He’d obviously not yet heard about Charles Pitt-Rose, but as before, Jason held back. Let him talk.
“When my Carol was the postwoman, she sensed there was something odd about the place. How secretive its occupants were. How, despite almost daily visits, she rarely saw a soul.”
“We should tell the cops about this son of theirs. If it was him on the loose, there could still be DNA traces in the house.
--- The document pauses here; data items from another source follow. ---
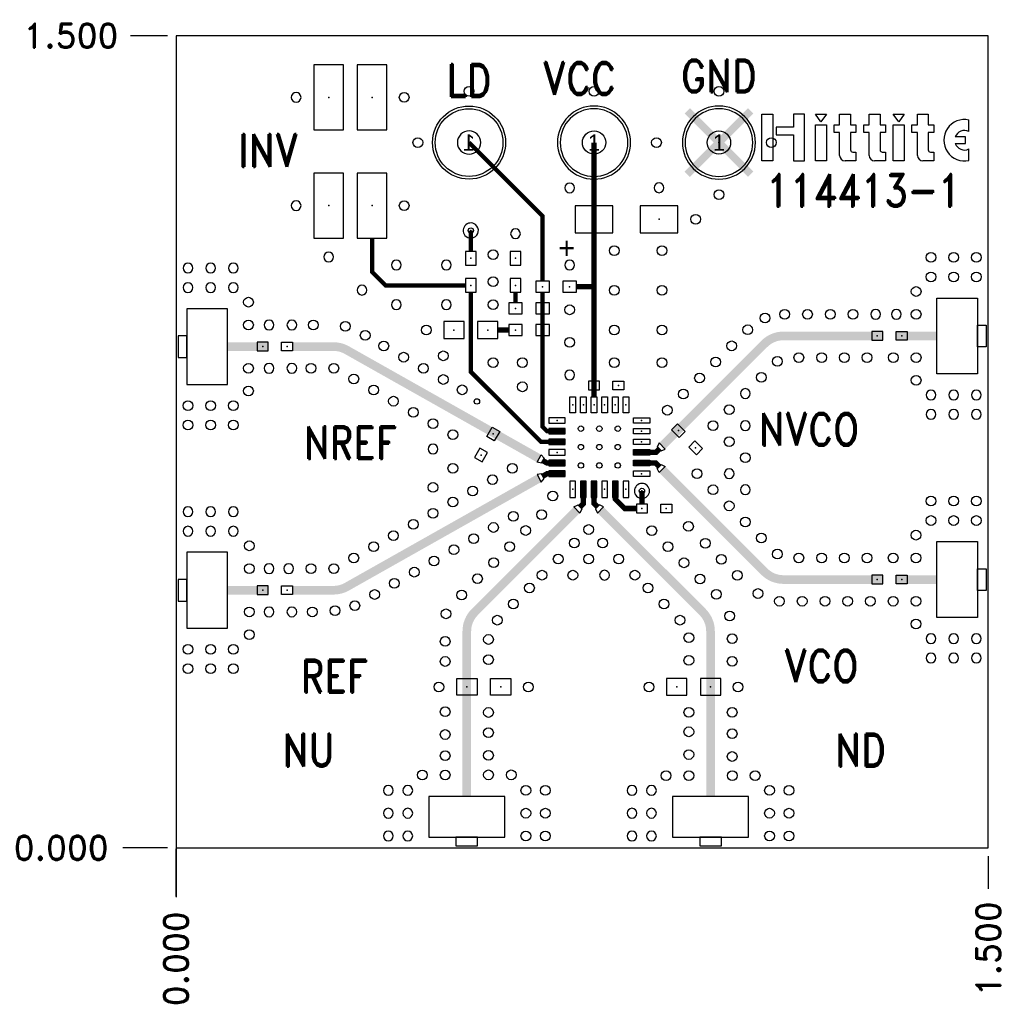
# Model space of a CAD drawing. Extents: x -0.29 to 1.53, y -0.28 to 1.53.
import ezdxf
from ezdxf.enums import TextEntityAlignment as Align

# ---------------------------------------------------------------- set-up
doc = ezdxf.new("R2010")
doc.units = 0
doc.header["$MEASUREMENT"] = 0
doc.linetypes.add('SSCOMP', pattern=[101, 100, 1])
for name, color, linetype in [('COM-NS', 4, 'Continuous'), ('DIM', 1, 'Continuous'), ('GE-NS', 144, 'Continuous'), ('HOL', 1, 'Continuous'), ('LND-NS', 5, 'Continuous'), ('MSK-CM', 4, 'Continuous'), ('NET', 7, 'Continuous'), ('NUM-CM', 7, 'Continuous'), ('out-NS', 7, 'Continuous'), ('PAD-CM', 14, 'Continuous'), ('PAD-NS', 5, 'Continuous'), ('PCB', 7, 'Continuous'), ('SLK-NS', 7, 'Continuous'), ('TIE-CM', 7, 'Continuous'), ('TRA-NS', 5, 'Continuous'), ('via', 7, 'Continuous')]:
    doc.layers.add(name, color=color, linetype=linetype)
doc.layers.get('COM-NS').off()
doc.layers.get('GE-NS').off()
doc.styles.add('ROMAND', font='romand')
doc.dimstyles.get("Standard").update_dxf_attribs({"dimtxt": 0.18, "dimasz": 0.18, "dimexe": 0.18, "dimexo": 0.0625, "dimgap": 0.09, "dimtad": 0, "dimtih": 1, "dimtoh": 1, "dimdec": 4, "dimzin": 0, "dimdsep": 46, "dimtxsty": 'Standard', "dimcen": 0.09, "dimadec": 0, "dimazin": 0, "dimtfac": 1, "dimtdec": 4, "dimtofl": 0, "dimtmove": 0, "dimatfit": 3, "dimfxl": 0, "dimtolj": 1, "dimtzin": 0, "dimarcsym": 0})

# ---------------------------------------------------------------- blocks, each defined once
blk = doc.blocks.new('hittite')
for p, q in [((-0.2396, 0.1078), (-0.2144, 0.1078)), ((-0.2396, -0.0005), (-0.2396, 0.1078)), ((-0.2144, 0.1078), (-0.2144, -0.0005)), ((-0.1413, 0.1078), (-0.1665, 0.1078)), ((-0.1665, 0.1078), (-0.1665, 0.0776)), ((-0.1413, -0.0005), (-0.1413, 0.1078)), ((-0.1156, 0.1078), (-0.0904, 0.1078)), ((-0.103, 0.0902), (-0.1156, 0.1078)), ((-0.0904, 0.1078), (-0.103, 0.0902)), ((-0.0598, 0.1078), (-0.0346, 0.1078)), ((-0.0598, 0.0826), (-0.0598, 0.1078)), ((-0.0346, 0.1078), (-0.0346, 0.0826)), ((0.0087, 0.1078), (0.0339, 0.1078)), ((0.0087, 0.0826), (0.0087, 0.1078)), ((0.0339, 0.1078), (0.0339, 0.0826)), ((0.0645, 0.1078), (0.0897, 0.1078)), ((0.0771, 0.0902), (0.0645, 0.1078)), ((0.0897, 0.1078), (0.0771, 0.0902)), ((0.1203, 0.1078), (0.1455, 0.1078)), ((0.1203, 0.0826), (0.1203, 0.1078)), ((0.1455, 0.1078), (0.1455, 0.0826)), ((0.2393, 0.0677), (0.2396, 0.0941)), ((-0.2068, 0.0776), (-0.2068, 0.0599)), ((-0.1665, 0.0776), (-0.2068, 0.0776)), ((-0.1156, 0.0826), (-0.0904, 0.0826)), ((-0.1156, -0.0005), (-0.1156, 0.0826)), ((-0.0904, 0.0826), (-0.0904, -0.0005)), ((-0.0724, 0.065), (-0.0724, 0.0826)), ((-0.0724, 0.0826), (-0.0598, 0.0826)), ((-0.0346, 0.0826), (-0.022, 0.0826)), ((-0.022, 0.0826), (-0.022, 0.065)), ((-0.0039, 0.065), (-0.0039, 0.0826)), ((-0.0039, 0.0826), (0.0087, 0.0826)), ((0.0339, 0.0826), (0.0464, 0.0826)), ((0.0464, 0.0826), (0.0464, 0.065)), ((0.0645, -0.0005), (0.0645, 0.0826)), ((0.0645, 0.0826), (0.0897, 0.0826)), ((0.0897, 0.0826), (0.0897, -0.0005)), ((0.1077, 0.065), (0.1077, 0.0826)), ((0.1077, 0.0826), (0.1203, 0.0826)), ((0.1455, 0.0826), (0.1581, 0.0826)), ((0.1581, 0.0826), (0.1581, 0.065)), ((-0.2068, 0.0599), (-0.1665, 0.0599)), ((-0.1665, 0.0599), (-0.1665, -0.0005)), ((-0.0598, 0.065), (-0.0724, 0.065)), ((-0.0598, 0.0121), (-0.0598, 0.065)), ((-0.0346, 0.065), (-0.0346, 0.0247)), ((-0.022, 0.065), (-0.0346, 0.065)), ((0.0087, 0.065), (-0.0039, 0.065)), ((0.0087, 0.0121), (0.0087, 0.065)), ((0.0339, 0.065), (0.0339, 0.0247)), ((0.0464, 0.065), (0.0339, 0.065)), ((0.1203, 0.065), (0.1077, 0.065)), ((0.1203, 0.0121), (0.1203, 0.065)), ((0.1455, 0.065), (0.1455, 0.0247)), ((0.1581, 0.065), (0.1455, 0.065)), ((0.2317, 0.0549), (0.2077, 0.0549)), ((0.2317, 0.0398), (0.2317, 0.0549)), ((0.2077, 0.0398), (0.2317, 0.0398)), ((0.2396, 0.0005), (0.2393, 0.027)), ((-0.0295, 0.0196), (-0.022, 0.0196)), ((-0.022, 0.0196), (-0.022, -0.0005)), ((0.0389, 0.0196), (0.0464, 0.0196)), ((0.0464, 0.0196), (0.0464, -0.0005)), ((0.1505, 0.0196), (0.1581, 0.0196)), ((0.1581, 0.0196), (0.1581, -0.0005)), ((-0.2371, -0.0005), (-0.2396, -0.0005)), ((-0.2144, -0.0005), (-0.2371, -0.0005)), ((-0.1665, -0.0005), (-0.1665, -0.0005)), ((-0.1665, -0.0005), (-0.1413, -0.0005)), ((-0.1131, -0.0005), (-0.1156, -0.0005)), ((-0.0904, -0.0005), (-0.1131, -0.0005)), ((-0.0346, -0.0005), (-0.0472, -0.0005)), ((-0.022, -0.0005), (-0.0346, -0.0005)), ((0.0339, -0.0005), (0.0213, -0.0005)), ((0.0464, -0.0005), (0.0339, -0.0005)), ((0.067, -0.0005), (0.0645, -0.0005)), ((0.0897, -0.0005), (0.067, -0.0005)), ((0.1455, -0.0005), (0.1329, -0.0005)), ((0.1581, -0.0005), (0.1455, -0.0005))]:
    blk.add_line(p, q)
for centre, radius, start, end in [((0.2292, 0.0473), 0.0479, 77.4712, 282.5288), ((0.2292, 0.0473), 0.0227, 63.4349, 160.5878), ((-0.0295, 0.0247), 0.00504, 180, 270), ((0.0389, 0.0247), 0.00504, 180, 270), ((0.1505, 0.0247), 0.00504, 180, 270), ((0.2292, 0.0473), 0.0227, 199.4122, 296.5651), ((-0.0472, 0.0121), 0.0126, 180, 270), ((0.0213, 0.0121), 0.0126, 180, 270), ((0.1329, 0.0121), 0.0126, 180, 270)]:
    blk.add_arc(centre, radius, start, end)
blk = doc.blocks.new('HOL-D01')
at = {"layer": 'HOL', "linetype": 'Continuous'}
blk.add_circle((0, 0), 0.005, dxfattribs=at)
blk = doc.blocks.new('VIA-D01-D0')
at = {"layer": 'HOL'}
blk.add_blockref('HOL-D01', (0, 0), dxfattribs=at)
at = {"layer": 'NET'}
blk.add_attdef('NET', text='', height=0.01, dxfattribs=at).set_placement((0, 0), align=Align.MIDDLE)
blk = doc.blocks.new('LND-NS-4-D03-D01')
at = {"layer": 'LND-NS'}
blk.add_lwpolyline([(-0.015, -0.005), (0.015, -0.005), (0.015, 0.005), (-0.015, 0.005)], close=True, dxfattribs=at)
blk.add_point((0, 0), dxfattribs=at)
blk = doc.blocks.new('HMC_LP4-NS')
at = {"layer": 'LND-NS', "xscale": -1, "rotation": 90}
for p in [(-0.0492, 0.078), (-0.0295, 0.078), (-0.0098, 0.078), (0.0098, 0.078), (0.0295, 0.078), (0.0492, 0.078)]:
    blk.add_blockref('LND-NS-4-D03-D01', p, dxfattribs=at)
at = {"layer": 'LND-NS'}
for p in [(-0.078, 0.0492), (-0.078, 0.0295), (-0.078, 0.0098), (-0.078, -0.0098), (-0.078, -0.0295), (-0.078, -0.0492)]:
    blk.add_blockref('LND-NS-4-D03-D01', p, dxfattribs=at)
at = {"layer": 'LND-NS', "xscale": -1}
for p in [(0.078, 0.0492), (0.078, 0.0295), (0.078, 0.0098), (0.078, -0.0098), (0.078, -0.0295), (0.078, -0.0492)]:
    blk.add_blockref('LND-NS-4-D03-D01', p, dxfattribs=at)
at = {"layer": 'LND-NS', "rotation": 90}
for p in [(-0.0492, -0.078), (-0.0295, -0.078), (-0.0098, -0.078), (0.0098, -0.078), (0.0295, -0.078), (0.0492, -0.078)]:
    blk.add_blockref('LND-NS-4-D03-D01', p, dxfattribs=at)
at = {"layer": 'via'}
for p in [(-0.034, 0.034), (0, 0.034), (0.034, 0.034), (-0.034, 0), (0, 0), (0.034, 0), (-0.034, -0.034), (0, -0.034), (0.034, -0.034)]:
    blk.add_blockref('VIA-D01-D0', p, dxfattribs=at)
blk = doc.blocks.new('HOL-D018')
at = {"layer": 'HOL'}
blk.add_circle((0, 0), 0.009, dxfattribs=at)
blk = doc.blocks.new('VIA-D018-D0')
at = {"layer": 'HOL'}
blk.add_blockref('HOL-D018', (0, 0), dxfattribs=at)
at = {"layer": 'NET'}
blk.add_attdef('NET', text='', height=0.01, dxfattribs=at).set_placement((0, 0), align=Align.MIDDLE)
blk = doc.blocks.new('SMA_MATCH-NS')
at = {"layer": 'TRA-NS'}
for points in [[(0.02, -0.07), (0.095, -0.07), (0.095, 0.07), (0.02, 0.07)], [(0.004, -0.02), (0.02, -0.02), (0.02, 0.02), (0.004, 0.02)]]:
    blk.add_lwpolyline(points, close=True, dxfattribs=at)
at = {"layer": 'via', "xscale": -1, "rotation": 180}
for p in [(0.022, 0.145), (0.064, 0.145), (0.106, 0.145), (0.022, 0.109), (0.064, 0.109), (0.106, 0.109)]:
    blk.add_blockref('VIA-D018-D0', p, dxfattribs=at)
at = {"layer": 'via'}
for p in [(0.022, -0.109), (0.064, -0.109), (0.106, -0.109), (0.022, -0.145), (0.064, -0.145), (0.106, -0.145)]:
    blk.add_blockref('VIA-D018-D0', p, dxfattribs=at)
blk = doc.blocks.new('A$C70C82187')
at = {"layer": 'TIE-CM', "linetype": 'SSCOMP', "const_width": 0.014}
for points in [[(-0.0586, 0.0586), (0.0586, -0.0586)], [(-0.0586, -0.0586), (0.0586, 0.0586)]]:
    blk.add_lwpolyline(points, dxfattribs=at)
blk = doc.blocks.new('PAD-CM-0-D125')
at = {"layer": 'MSK-CM'}
blk.add_lwpolyline([(-0.0675, 0, 1), (0.0675, 0, 1)], format="xyb", close=True, dxfattribs=at)
at = {"layer": 'PAD-CM'}
blk.add_lwpolyline([(-0.0625, 0, 1), (0.0625, 0, 1)], format="xyb", close=True, dxfattribs=at)
blk.add_point((0, 0), dxfattribs=at)
blk = doc.blocks.new('PIN-CM-V')
at = {"layer": 'NUM-CM'}
blk.add_attdef('PIN', text='', height=0.03, dxfattribs=at).set_placement((0, 0), align=Align.MIDDLE)
blk = doc.blocks.new('HOL-D043')
at = {"layer": 'HOL'}
blk.add_circle((0, 0), 0.0215, dxfattribs=at)
blk = doc.blocks.new('DC_PIN-NS')
at = {"layer": 'HOL'}
blk.add_blockref('HOL-D043', (0, 0), dxfattribs=at)
at = {"layer": 'NUM-CM'}
blk.add_blockref('PIN-CM-V', (0, 0), dxfattribs=at).add_auto_attribs({'PIN': '1'})
at = {"layer": 'PAD-CM'}
blk.add_blockref('PAD-CM-0-D125', (0, 0), dxfattribs=at)
blk = doc.blocks.new('LND-NS-4-D05-D07')
at = {"layer": 'LND-NS'}
blk.add_lwpolyline([(0.025, -0.035), (0.025, 0.035), (-0.025, 0.035), (-0.025, -0.035)], close=True, dxfattribs=at)
blk.add_point((0, 0), dxfattribs=at)
blk = doc.blocks.new('CASEA-NS')
at = {"layer": 'LND-NS', "rotation": 90}
for p in [(-0.06, 0), (0.06, 0)]:
    blk.add_blockref('LND-NS-4-D05-D07', p, dxfattribs=at)
at = {"layer": 'SLK-NS', "flags": 8}
blk.add_attdef('POLARITY', text='', height=0.04, dxfattribs=at).set_placement((-0.0762, -0.053), align=Align.MIDDLE)
blk = doc.blocks.new('LND-NS-4-D02-D016')
at = {"layer": 'LND-NS'}
blk.add_lwpolyline([(-0.01, -0.008), (0.01, -0.008), (0.01, 0.008), (-0.01, 0.008)], close=True, dxfattribs=at)
blk.add_point((0, 0), dxfattribs=at)
blk = doc.blocks.new('0402_16-NS')
at = {"layer": 'LND-NS'}
blk.add_blockref('LND-NS-4-D02-D016', (-0.0225, 0), dxfattribs=at)
at = {"layer": 'LND-NS', "xscale": -1}
blk.add_blockref('LND-NS-4-D02-D016', (0.0225, 0), dxfattribs=at)
blk = doc.blocks.new('LND-NS-4-D02-D025')
at = {"layer": 'LND-NS'}
blk.add_lwpolyline([(0.01, -0.0125), (0.01, 0.0125), (-0.01, 0.0125), (-0.01, -0.0125)], close=True, dxfattribs=at)
blk.add_point((0, 0), dxfattribs=at)
blk = doc.blocks.new('0402-NS')
at = {"layer": 'LND-NS', "rotation": 90}
for p in [(-0.025, 0), (0.025, 0)]:
    blk.add_blockref('LND-NS-4-D02-D025', p, dxfattribs=at)
blk = doc.blocks.new('PAD-CM-0-D028')
at = {"layer": 'PAD-CM', "linetype": 'Continuous'}
blk.add_lwpolyline([(-0.014, 0, 1), (0.014, 0, 1)], format="xyb", close=True, dxfattribs=at)
blk.add_point((0, 0), dxfattribs=at)
blk = doc.blocks.new('VIA-D01-D028')
at = {"layer": 'HOL', "linetype": 'Continuous'}
blk.add_blockref('HOL-D01', (0, 0), dxfattribs=at)
at = {"layer": 'PAD-CM', "linetype": 'Continuous'}
blk.add_blockref('PAD-CM-0-D028', (0, 0), dxfattribs=at)
at = {"layer": 'NET', "linetype": 'Continuous'}
blk.add_attdef('NET', text='', height=0.02, dxfattribs=at).set_placement((0, 0), align=Align.MIDDLE)
blk = doc.blocks.new('LND-NS-4-D031-D0375')
at = {"layer": 'LND-NS'}
blk.add_lwpolyline([(0.0155, -0.01875), (0.0155, 0.01875), (-0.0155, 0.01875), (-0.0155, -0.01875)], close=True, dxfattribs=at)
blk.add_point((0, 0), dxfattribs=at)
blk = doc.blocks.new('0603-NS')
at = {"layer": 'LND-NS', "rotation": 90}
for p in [(-0.03125, 0), (0.03125, 0)]:
    blk.add_blockref('LND-NS-4-D031-D0375', p, dxfattribs=at)
blk = doc.blocks.new('PAD-NS-4-D055-D12')
at = {"layer": 'PAD-NS'}
blk.add_lwpolyline([(0.0275, -0.06), (0.0275, 0.06), (-0.0275, 0.06), (-0.0275, -0.06)], close=True, dxfattribs=at)
blk.add_point((0, 0), dxfattribs=at)
blk = doc.blocks.new('2MM_4PIN-NS')
at = {"layer": 'PAD-NS'}
for p in [(-0.04, 0.1), (0.04, 0.1), (-0.04, -0.1), (0.04, -0.1)]:
    blk.add_blockref('PAD-NS-4-D055-D12', p, dxfattribs=at)
blk = doc.blocks.new('*D38')
at = {"layer": 'Defpoints', "color": 0}
for p in [(-0.0984, 0), (0, 0), (0, 0)]:
    blk.add_point(p, dxfattribs=at)
at = {"layer": 'DIM', "color": 0, "lineweight": -2}
blk.add_line((-0.0156, 0), (-0.0984, 0), dxfattribs=at)
at = {"layer": 'DIM', "color": 0, "insert": (-0.212, 0), "char_height": 0.045, "attachment_point": 5, "style": 'ROMAND'}
blk.add_mtext('\\A1;0.000', dxfattribs=at)
blk = doc.blocks.new('*D39')
at = {"layer": 'Defpoints', "color": 0}
for p in [(-0.0838, 1.5), (0, 1.5), (0, 0)]:
    blk.add_point(p, dxfattribs=at)
at = {"layer": 'DIM', "color": 0, "lineweight": -2}
blk.add_line((-0.0156, 1.5), (-0.0838, 1.5), dxfattribs=at)
at = {"layer": 'DIM', "color": 0, "insert": (-0.1941, 1.5), "char_height": 0.045, "attachment_point": 5, "style": 'ROMAND'}
blk.add_mtext('\\A1;1.500', dxfattribs=at)
blk = doc.blocks.new('*D40')
at = {"layer": 'Defpoints', "color": 0}
for p in [(0, 0), (0, 0), (0, -0.0914)]:
    blk.add_point(p, dxfattribs=at)
at = {"layer": 'DIM', "color": 0, "lineweight": -2}
for p, q in [((0, -0.09), (0, -0.0014)), ((0, -0.0014), (0, -0.0914)), ((0, -0.0156), (0, -0.09))]:
    blk.add_line(p, q, dxfattribs=at)
at = {"layer": 'DIM', "color": 0, "insert": (0, -0.2049), "char_height": 0.045, "attachment_point": 5, "rotation": 90, "style": 'ROMAND'}
blk.add_mtext('\\A1;0.000', dxfattribs=at)
blk = doc.blocks.new('*D41')
at = {"layer": 'Defpoints', "color": 0}
for p in [(0, 0), (1.5, 0), (1.5, -0.076)]:
    blk.add_point(p, dxfattribs=at)
at = {"layer": 'DIM', "color": 0, "lineweight": -2}
blk.add_line((1.5, -0.0156), (1.5, -0.076), dxfattribs=at)
at = {"layer": 'DIM', "color": 0, "insert": (1.5, -0.1864), "char_height": 0.045, "attachment_point": 5, "rotation": 90, "style": 'ROMAND'}
blk.add_mtext('\\A1;1.500', dxfattribs=at)

msp = doc.modelspace()

# ---------------------------------------------------------------- linework, layer by layer
at = {"layer": 'PCB'}
msp.add_lwpolyline([(0, 0), (1.5, 0), (1.5, 1.5), (0, 1.5)], close=True, dxfattribs=at)
at = {"layer": 'TRA-NS', "linetype": 'SSCOMP'}
for points, const_width in [([(0.6769, 1.0463), (0.6769, 1.1667), (0.5411, 1.3026)], 0.008), ([(0.7719, 0.8331), (0.7719, 1.3026)], 0.01), ([(0.3619, 1.1261), (0.3619, 1.0638), (0.3869, 1.0388), (0.5344, 1.0388)], 0.008), ([(0.5444, 1.1013), (0.5444, 1.1401)], 0.008), ([(0.7669, 1.0363), (0.7394, 1.0363)], 0.01), ([(0.5444, 1.0263), (0.5444, 0.8792), (0.6738, 0.75), (0.7187, 0.75)], 0.008), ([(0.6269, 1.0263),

Did you see any police chopper around any time after four o’clock?”
“Don’t make me laugh.”
And before Jason could also ask about anyone called Margiad, or that mysterious spectre lurking by the old lead mine, he spotted the boot of a red hatch tucked back from the station’s main building. Although the two security lights weren’t at full strength, he knew immediately whose it was.
***
The wind drove an empty crisp packet against Jason’s forehead as he climbed out of the Nissan and ran towards the Ignis. “Door’s open,” he shouted, before trying the others. All locked, including the boot.
“Everything looks normal to me.” The farmer who’d joined him, used his torch’s beam to scan the interior. Yes, the same debris lay on the floor, and various shopping lists littered the top of the dashboard, but nothing suggested anything other than carelessness.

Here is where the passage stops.